Activity:
Pick each line containing "Clutch" out of the records.

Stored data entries
══════

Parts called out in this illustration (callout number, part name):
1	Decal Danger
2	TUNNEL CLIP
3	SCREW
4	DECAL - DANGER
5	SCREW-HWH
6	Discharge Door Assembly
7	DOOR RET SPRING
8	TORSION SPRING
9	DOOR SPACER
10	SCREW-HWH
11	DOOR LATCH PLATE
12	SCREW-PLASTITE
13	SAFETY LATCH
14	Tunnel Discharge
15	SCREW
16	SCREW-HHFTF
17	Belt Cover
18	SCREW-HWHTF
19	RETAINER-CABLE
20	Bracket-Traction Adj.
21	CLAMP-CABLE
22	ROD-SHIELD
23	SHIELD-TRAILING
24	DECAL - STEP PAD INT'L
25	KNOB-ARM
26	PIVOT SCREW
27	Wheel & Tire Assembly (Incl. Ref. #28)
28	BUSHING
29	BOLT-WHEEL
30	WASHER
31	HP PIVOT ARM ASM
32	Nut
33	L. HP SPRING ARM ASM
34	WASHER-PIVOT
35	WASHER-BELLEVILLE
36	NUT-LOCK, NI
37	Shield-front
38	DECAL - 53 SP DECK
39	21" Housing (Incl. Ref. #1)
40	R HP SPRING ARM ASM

══════

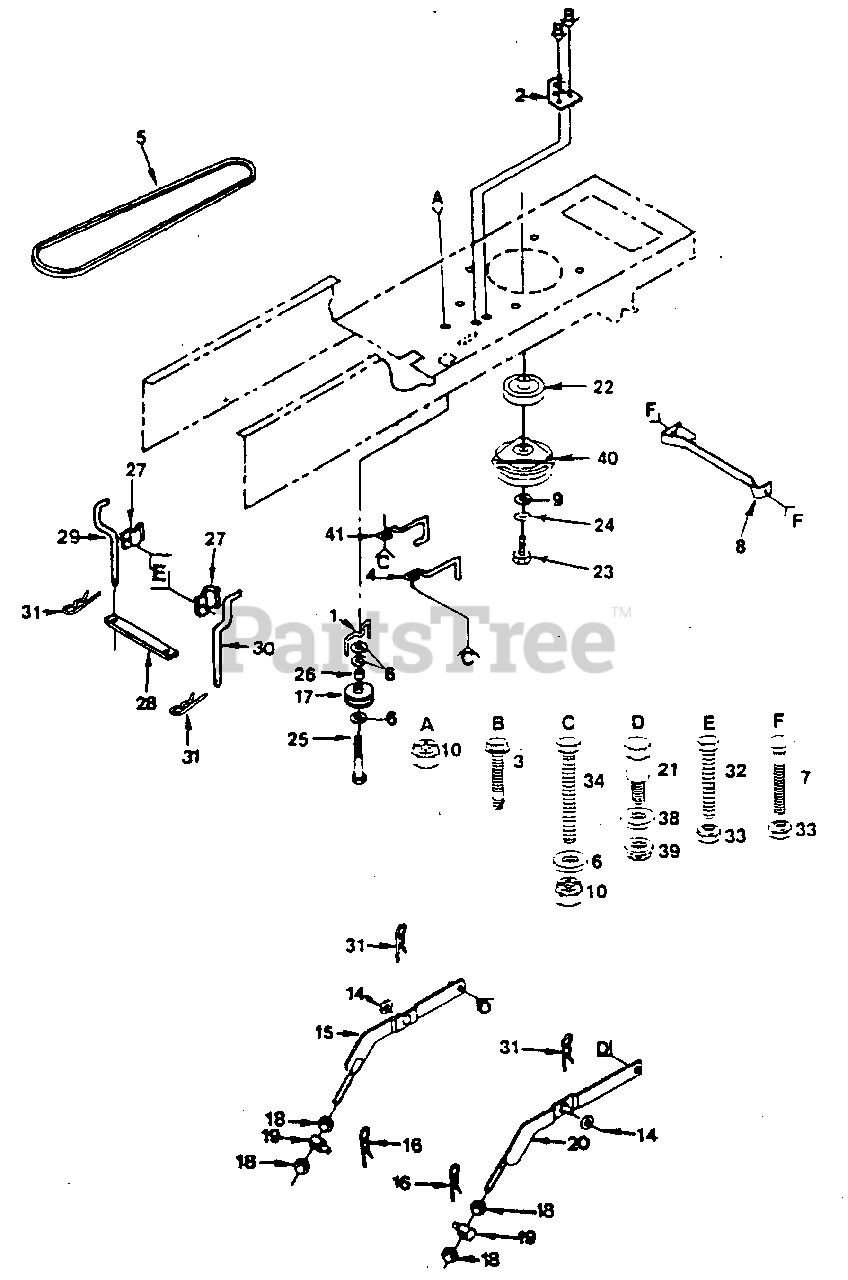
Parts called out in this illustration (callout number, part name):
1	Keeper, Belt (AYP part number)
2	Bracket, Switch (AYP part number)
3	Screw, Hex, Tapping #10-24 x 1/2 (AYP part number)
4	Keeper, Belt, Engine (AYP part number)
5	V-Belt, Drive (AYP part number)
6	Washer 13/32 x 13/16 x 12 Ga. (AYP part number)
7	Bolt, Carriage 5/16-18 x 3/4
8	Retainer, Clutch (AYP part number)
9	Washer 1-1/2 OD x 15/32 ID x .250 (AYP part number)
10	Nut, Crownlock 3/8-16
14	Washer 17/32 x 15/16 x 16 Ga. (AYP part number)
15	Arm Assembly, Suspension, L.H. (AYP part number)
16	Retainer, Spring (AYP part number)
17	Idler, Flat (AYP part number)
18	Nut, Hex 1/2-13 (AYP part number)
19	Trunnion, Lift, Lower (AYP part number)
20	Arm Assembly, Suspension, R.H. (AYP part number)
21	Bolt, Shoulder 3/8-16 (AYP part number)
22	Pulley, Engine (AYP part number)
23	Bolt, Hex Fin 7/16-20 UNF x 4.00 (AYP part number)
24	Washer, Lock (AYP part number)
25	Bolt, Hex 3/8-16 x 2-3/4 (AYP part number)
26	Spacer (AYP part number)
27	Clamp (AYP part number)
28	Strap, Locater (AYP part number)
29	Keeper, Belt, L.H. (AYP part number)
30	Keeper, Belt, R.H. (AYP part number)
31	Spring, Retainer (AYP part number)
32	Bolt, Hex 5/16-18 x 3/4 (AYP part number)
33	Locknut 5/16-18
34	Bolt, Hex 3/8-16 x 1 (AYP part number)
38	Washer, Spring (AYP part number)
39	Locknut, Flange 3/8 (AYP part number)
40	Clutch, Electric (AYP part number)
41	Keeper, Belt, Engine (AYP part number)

══════

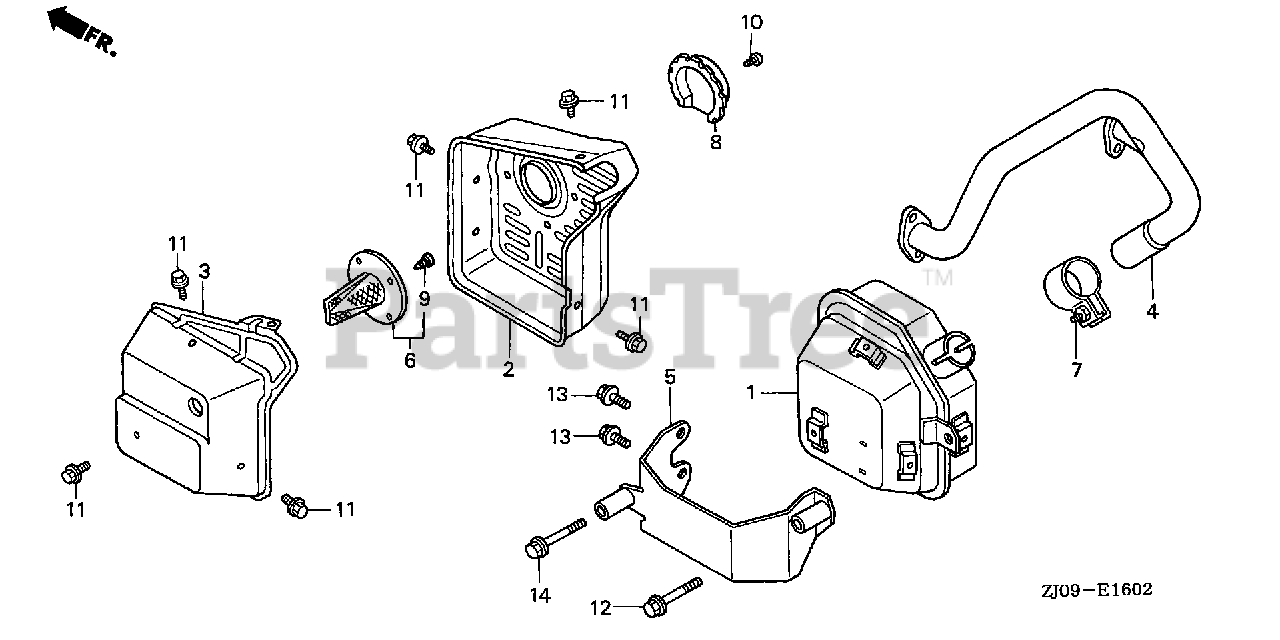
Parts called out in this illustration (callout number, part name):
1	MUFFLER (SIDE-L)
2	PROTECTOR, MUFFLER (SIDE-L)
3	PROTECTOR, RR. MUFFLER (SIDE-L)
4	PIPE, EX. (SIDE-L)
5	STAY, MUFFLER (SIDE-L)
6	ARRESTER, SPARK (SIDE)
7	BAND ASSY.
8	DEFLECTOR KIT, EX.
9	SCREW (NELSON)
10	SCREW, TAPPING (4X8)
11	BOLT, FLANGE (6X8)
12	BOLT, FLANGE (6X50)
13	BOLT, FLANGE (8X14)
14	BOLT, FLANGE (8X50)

══════

Written answer:
8	Retainer, Clutch (AYP part number)
40	Clutch, Electric (AYP part number)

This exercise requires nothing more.